User management microservice (Part 1): Defining domain model and REST API

April 18, 2017 · 4 min read – Last updated on August 10, 2020

In this first part we define the requirements against the application, its initial domain model and that REST API which its front-end will be using. We start off by defining the user stories for registering and managing users.

1. User stories

When designing a new system, it’s worth thinking about that result users are expecting to achieve with it. Below you can found a list of those very basic features a user registration system should have.

  • As a user, I want to register, so that I can get access to content which requires registration
  • As a user, I want to confirm my email address after registration
  • As a user, I want to login and log out
  • As a user, I want to change my password
  • As a user, I want to change my email address
  • As a user, I want to be able to reset my password, so that I can login after I lost my password
  • As a user, I want to update my profile, so that I can provide my correct contact data
  • As a user, I want to close my account, so that I can close my relationship with that service I signed up for
  • As an admin, I want to manage (create/delete/update) users manually, so that staff members wouldn’t have to go over the registration process
  • As an admin, I want to create users manually, so that staff members wouldn’t have to go over the registration process
  • As an admin, I want to list all users, even those once who closed their account
  • As an admin, I want to be able to see users’ activity (login, logout, password reset, confirmation, profile update), so that I can comply with external audit requirements

2. Workflows

Let’s take a look at the workflows what system is going to support. First of all, people should be able to register and login, these are fairly obvious functionalities.

User Registration Flow

However, we need to be cautious when it comes to the handling of confirmation tokens. As they can be used to perform privileged actions, we use disposable random tokens to handle password reset and email confirmation.

When a new token got generated by the user for whatever reason all the previous ones are invalidated. When some remembers their password, formerly issued and valid password reset tokens must be made expired.

3. Non-functional requirements

User stories usually don’t define non-functional requirements, such as security, development principles, technology stack, etc.  So let’s list them here separately.

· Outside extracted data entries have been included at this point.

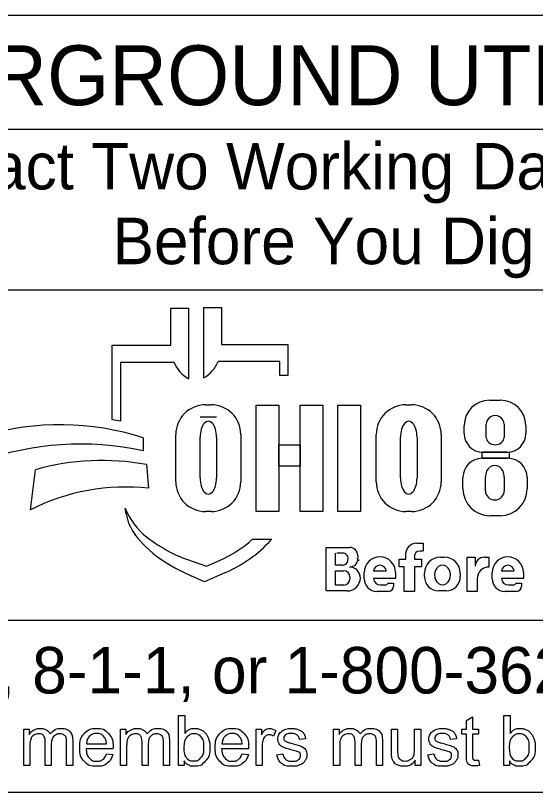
# Model space of a CAD drawing. Extents: x 0 to 45.9, y 0 to 22.
# Drawn here: x 26.446 to 28.01, y 4.439 to 6.776 of the extents above; entities that cross this region are included whole.
import ezdxf

# ---------------------------------------------------------------- set-up
doc = ezdxf.new("R2010")
doc.units = 0
doc.layers.add('SH_Border', color=7, linetype='Continuous')
doc.layers.add('SH_Cut_Line', color=7, linetype='Continuous')

msp = doc.modelspace()

# ---------------------------------------------------------------- linework, layer by layer
at = {"layer": 'SH_Border'}
for p, q in [((26.9125, 5.7842), (26.9125, 5.8957)), ((26.9125, 5.8957), (26.9661, 5.8957)), ((26.9661, 5.8957), (26.9661, 5.6836)), ((27.0118, 5.6859), (27.0118, 5.898)), ((27.0118, 5.898), (27.0654, 5.898)), ((27.0654, 5.898), (27.0654, 5.7865)), ((26.7365, 5.5603), (26.7365, 5.7842)), ((26.7365, 5.7842), (26.9125, 5.7842)), ((27.0654, 5.7865), (27.2647, 5.7865)), ((27.2647, 5.7865), (27.2647, 5.6927)), ((26.7617, 5.7327), (26.7617, 5.5559)), ((26.9229, 5.7327), (26.7617, 5.7327)), ((27.2414, 5.7351), (27.055, 5.7351)), ((27.2414, 5.6927), (27.2414, 5.7351)), ((27.2647, 5.6927), (27.2414, 5.6927)), ((27.872, 5.619), (27.9048, 5.619)), ((27.0175, 5.605), (27.034, 5.605)), ((27.6205, 5.605), (27.637, 5.605)), ((27.0507, 5.568), (27.0009, 5.568)), ((27.7957, 5.5184), (27.7957, 5.5427)), ((27.8619, 5.507), (27.8619, 5.5463)), ((27.916, 5.5463), (27.916, 5.507)), ((27.9811, 5.5427), (27.9811, 5.5184)), ((26.8298, 5.5056), (26.8298, 5.4668)), ((26.928, 5.3735), (26.928, 5.5155)), ((27.0009, 5.3849), (27.0009, 5.5073)), ((27.0507, 5.5073), (27.0507, 5.3849)), ((27.1235, 5.5155), (27.1235, 5.3735)), ((27.531, 5.3735), (27.531, 5.5155)), ((27.6039, 5.3849), (27.6039, 5.5073)), ((27.6537, 5.5073), (27.6537, 5.3849)), ((27.7265, 5.5155), (27.7265, 5.3735)), ((27.9251, 5.4624), (27.8517, 5.4624)), ((26.8398, 5.425), (26.846, 5.3541)), ((27.8499, 5.4441), (27.9272, 5.4441)), ((26.491, 5.2895), (26.5056, 5.4096)), ((27.792, 5.3522), (27.792, 5.3862)), ((27.8595, 5.3462), (27.8595, 5.3871)), ((27.9164, 5.3871), (27.9164, 5.3462)), ((27.9851, 5.3862), (27.9851, 5.3522)), ((26.7787, 5.2766), (26.7756, 5.2945)), ((27.034, 5.2841), (27.0175, 5.2841)), ((27.637, 5.2841), (27.6205, 5.2841)), ((27.9042, 5.2712), (27.873, 5.2712)), ((27.1589, 5.2007), (27.2164, 5.2007)), ((27.3802, 5.0449), (27.3802, 5.1757)), ((27.3802, 5.1757), (27.4514, 5.1757)), ((27.6528, 5.1885), (27.6723, 5.1885)), ((27.6723, 5.1885), (27.6723, 5.1655)), ((27.4082, 5.1222), (27.4082, 5.1591)), ((27.4334, 5.1591), (27.4121, 5.1591)), ((27.4752, 5.1519), (27.4752, 5.144)), ((27.6196, 5.1401), (27.6196, 5.1505)), ((27.6457, 5.1485), (27.6457, 5.1401)), ((27.6723, 5.165), (27.6621, 5.165)), ((27.724, 5.1467), (27.7362, 5.1467)), ((27.8043, 5.0437), (27.8043, 5.1464)), ((27.8043, 5.1464), (27.8288, 5.1464)), ((27.8288, 5.1464), (27.8288, 5.1195)), ((27.8561, 5.1464), (27.87, 5.1464)), ((27.87, 5.1464), (27.87, 5.1168)), ((26.9605, 5.1403), (27.0199, 5.1198)), ((27.0199, 5.1198), (27.061, 5.1376)), ((27.4276, 5.1222), (27.4082, 5.1222)), ((27.6002, 5.1171), (27.6002, 5.1401)), ((27.6002, 5.1401), (27.6196, 5.1401)), ((27.6457, 5.1401), (27.6672, 5.1401)), ((27.6672, 5.1401), (27.6672, 5.1171)), ((27.0772, 5.1003), (27.0139, 5.0728)), ((27.4082, 5.0628), (27.4082, 5.1056)), ((27.4082, 5.1056), (27.4337, 5.1056)), ((27.4948, 5.0817), (27.4948, 5.1001)), ((27.5614, 5.1041), (27.5228, 5.1041)), ((27.5893, 5.1001), (27.5893, 5.0825)), ((27.6151, 5.1171), (27.6002, 5.1171)), ((27.6151, 5.0437), (27.6151, 5.1171)), ((27.6672, 5.1171), (27.6457, 5.1171)), ((27.6457, 5.1171), (27.6457, 5.0437)), ((27.6762, 5.088), (27.6762, 5.0988)), ((27.784, 5.0988), (27.784, 5.088)), ((27.8797, 5.0817), (27.8797, 5.1001)), ((27.9463, 5.1041), (27.9078, 5.1041)), ((27.9742, 5.1001), (27.9742, 5.0825)), ((27.0139, 5.0728), (26.9766, 5.0893)), ((27.4519, 5.0875), (27.4519, 5.0811)), ((27.4832, 5.0846), (27.4832, 5.0843)), ((27.5893, 5.0825), (27.5229, 5.0825)), ((27.8348, 5.0819), (27.8348, 5.0437)), ((27.9742, 5.0825), (27.9078, 5.0825)), ((27.4335, 5.0628), (27.4082, 5.0628)), ((27.5438, 5.0632), (27.5579, 5.0632)), ((27.5665, 5.0688), (27.5834, 5.0688)), ((27.5834, 5.0688), (27.5834, 5.059)), ((27.9287, 5.0632), (27.9429, 5.0632)), ((27.9514, 5.0688), (27.9683, 5.0688)), ((27.9683, 5.0688), (27.9683, 5.059)), ((27.4439, 5.0449), (27.3802, 5.0449)), ((27.5681, 5.0437), (27.5328, 5.0437)), ((27.6457, 5.0437), (27.6151, 5.0437)), ((27.7412, 5.0453), (27.719, 5.0453)), ((27.8348, 5.0437), (27.8043, 5.0437)), ((27.9531, 5.0437), (27.9177, 5.0437))]:
    msp.add_line(p, q, dxfattribs=at)
for points in [[(27.1699, 5.604), (27.2378, 5.604), (27.2378, 5.284), (27.1699, 5.284)], [(27.302, 5.604), (27.37, 5.604), (27.37, 5.284), (27.302, 5.284)], [(27.4153, 5.604), (27.4841, 5.604), (27.4841, 5.284), (27.4153, 5.284)], [(27.2378, 5.4841), (27.302, 5.4841), (27.302, 5.4201), (27.2378, 5.4201)], [(27.8496, 5.4624), (27.9312, 5.4624), (27.9312, 5.444), (27.8496, 5.444)]]:
    msp.add_lwpolyline(points, close=True, dxfattribs=at)
for points in [[(26.9532, 4.5198), (26.9362, 4.5198), (26.9362, 4.67), (26.9546, 4.67), (26.9546, 4.6165)], [(27.8022, 4.5517), (27.8022, 4.6143), (27.7886, 4.6143), (27.7886, 4.6287), (27.8022, 4.6287), (27.8022, 4.6556), (27.8206, 4.6667), (27.8206, 4.6287), (27.839, 4.6287), (27.839, 4.6143), (27.8206, 4.6143), (27.8206, 4.5506)], [(27.9323, 4.5198), (27.9153, 4.5198), (27.9153, 4.67), (27.9337, 4.67), (27.9337, 4.6165)], [(26.4702, 4.5198), (26.4702, 4.6287), (26.4866, 4.6287), (26.4866, 4.6133)], [(26.7615, 4.5198), (26.7615, 4.6287), (26.778, 4.6287), (26.778, 4.6133)], [(27.1693, 4.5198), (27.1693, 4.6287), (27.1859, 4.6287), (27.1859, 4.6122)], [(27.4025, 4.5198), (27.4025, 4.6287), (27.419, 4.6287), (27.419, 4.6133)], [(27.5768, 4.5613), (27.5768, 4.6287), (27.5953, 4.6287), (27.5953, 4.5683)], [(27.6465, 4.5704), (27.6465, 4.6287), (27.665, 4.6287), (27.665, 4.5198), (27.6485, 4.5198)], [(27.2284, 4.6252), (27.2219, 4.6081)], [(26.5532, 4.583), (26.5532, 4.5198), (26.5348, 4.5198), (26.5348, 4.5905)], [(26.6177, 4.5945), (26.6177, 4.5198), (26.5993, 4.5198), (26.5993, 4.5883)], [(26.6588, 4.5846), (26.7196, 4.5846)], [(26.8446, 4.583), (26.8446, 4.5198), (26.8262, 4.5198), (26.8262, 4.5905)], [(26.9091, 4.5945), (26.9091, 4.5198), (26.8906, 4.5198), (26.8906, 4.5883)], [(27.0668, 4.5846), (27.1275, 4.5846)], [(27.3183, 4.6005), (27.3002, 4.5981)], [(27.4856, 4.583), (27.4856, 4.5198), (27.4672, 4.5198), (27.4672, 4.5905)], [(27.55, 4.5945), (27.55, 4.5198), (27.5316, 4.5198), (27.5316, 4.5883)], [(27.7729, 4.6005), (27.7548, 4.5981)], [(26.4886, 4.5762), (26.4886, 4.5198), (26.4702, 4.5198)], [(26.7389, 4.5695), (26.6578, 4.5695)], [(26.78, 4.5762), (26.78, 4.5198), (26.7615, 4.5198)], [(27.1469, 4.5695), (27.0657, 4.5695)], [(27.1877, 4.5768), (27.1877, 4.5198), (27.1693, 4.5198)], [(27.421, 4.5762), (27.421, 4.5198), (27.4025, 4.5198)], [(26.7193, 4.5549), (26.7384, 4.5525)], [(27.1273, 4.5549), (27.1464, 4.5525)], [(27.2319, 4.5523), (27.2501, 4.5552)], [(27.6485, 4.5198), (27.6485, 4.5359)], [(27.6865, 4.5523), (27.7047, 4.5552)], [(27.839, 4.5362), (27.8417, 4.52)], [(26.9532, 4.5334), (26.9532, 4.5198)], [(27.9323, 4.5334), (27.9323, 4.5198)]]:
    msp.add_lwpolyline(points, dxfattribs=at)
for centre, radius, start, end in [((27.0142, 5.7695), 0.0985, 201.9296, 240.7469), ((26.9637, 5.7718), 0.0985, 299.2531, 338.0704), ((27.872, 5.5427), 0.0763, 90, 180), ((27.9048, 5.5427), 0.0763, 0, 90), ((27.0175, 5.5155), 0.0895, 90, 180), ((27.034, 5.5155), 0.0895, 0, 90), ((27.6205, 5.5155), 0.0895, 90, 180), ((27.637, 5.5155), 0.0895, 0, 90), ((26.5786, 4.726), 0.8191, 72.1402, 106.3144), ((26.6084, 4.7513), 0.8191, 79.2074, 81.0007), ((27.8517, 5.5184), 0.056, 180, 270), ((27.9251, 5.5184), 0.056, 270, 0), ((26.6417, 4.5949), 0.8919, 77.8238, 109.8274), ((26.7056, 4.7053), 0.7322, 79.44, 105.8467), ((27.8499, 5.3862), 0.0579, 90, 180), ((27.9272, 5.3862), 0.0579, 0, 90), ((26.7776, 4.722), 0.6357, 83.8248, 116.8021), ((27.0175, 5.3735), 0.0895, 180, 270), ((27.034, 5.3735), 0.0895, 270, 0), ((27.6205, 5.3735), 0.0895, 180, 270), ((27.637, 5.3735), 0.0895, 270, 0), ((27.873, 5.3522), 0.081, 180, 270), ((27.9042, 5.3522), 0.081, 270, 0), ((26.963, 5.3666), 0.2008, 201.0457, 232.5314), ((26.92, 5.3007), 0.1433, 189.6817, 216.0884), ((27.0536, 5.3981), 0.3088, 216.0884, 235.7167), ((27.1555, 5.6178), 0.5173, 232.5314, 241.794), ((26.9176, 5.4681), 0.3602, 293.4582, 312.0712), ((26.9176, 5.4681), 0.401, 293.4582, 317.8286), ((27.4514, 5.1519), 0.0238, 0, 90), ((27.6528, 5.1549), 0.0335, 90, 187.5187), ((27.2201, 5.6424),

  • The domain model is implemented in pure Java using Domain-driven design principles and its independent of the underlying technology stack to be used
  • When users log in, a JWT token is generated for them, which is valid for 24 hours. By providing this token for subsequent requests they can perform operation which require authentication
  • Password reset tokens are valid for 10 minutes and email address confirmation tokens for a day
  • Passwords are encrypted with a cryptographically strong algorithm (Bcrypt) with per-user salt
  • A RESTful API is provided for interacting with the user registration service
  • The application will have a modular design in order to be able to provide separate deployment artifacts for various scenarios (eg. a 2.5 servlet compliant WAR for Google App Engine and a Spring Boot-based, self contained, executable JAR for other use cases)
  • Entity identifiers are generated in a database agnostic way, that is, no database specific mechanism (AUTO_INCREMENT or sequences) will be used to get next ID values. The solution will be similar how Instagram genetes IDs.

4. Domain model

For the first round implementation we’ve got only three entities, that is, User, ConfirmationToken and UserEvent.

5. REST API

Accessing most of endpoints below require authentication, otherwise they return an UNAUTHORIZED status code. They also return a client error (FORBIDDEN) if the user tries to query an entity which belong to some other user, unless he has administrative privileges. If the specified entity doesn’t exist the called endpoint returns NOT_FOUND.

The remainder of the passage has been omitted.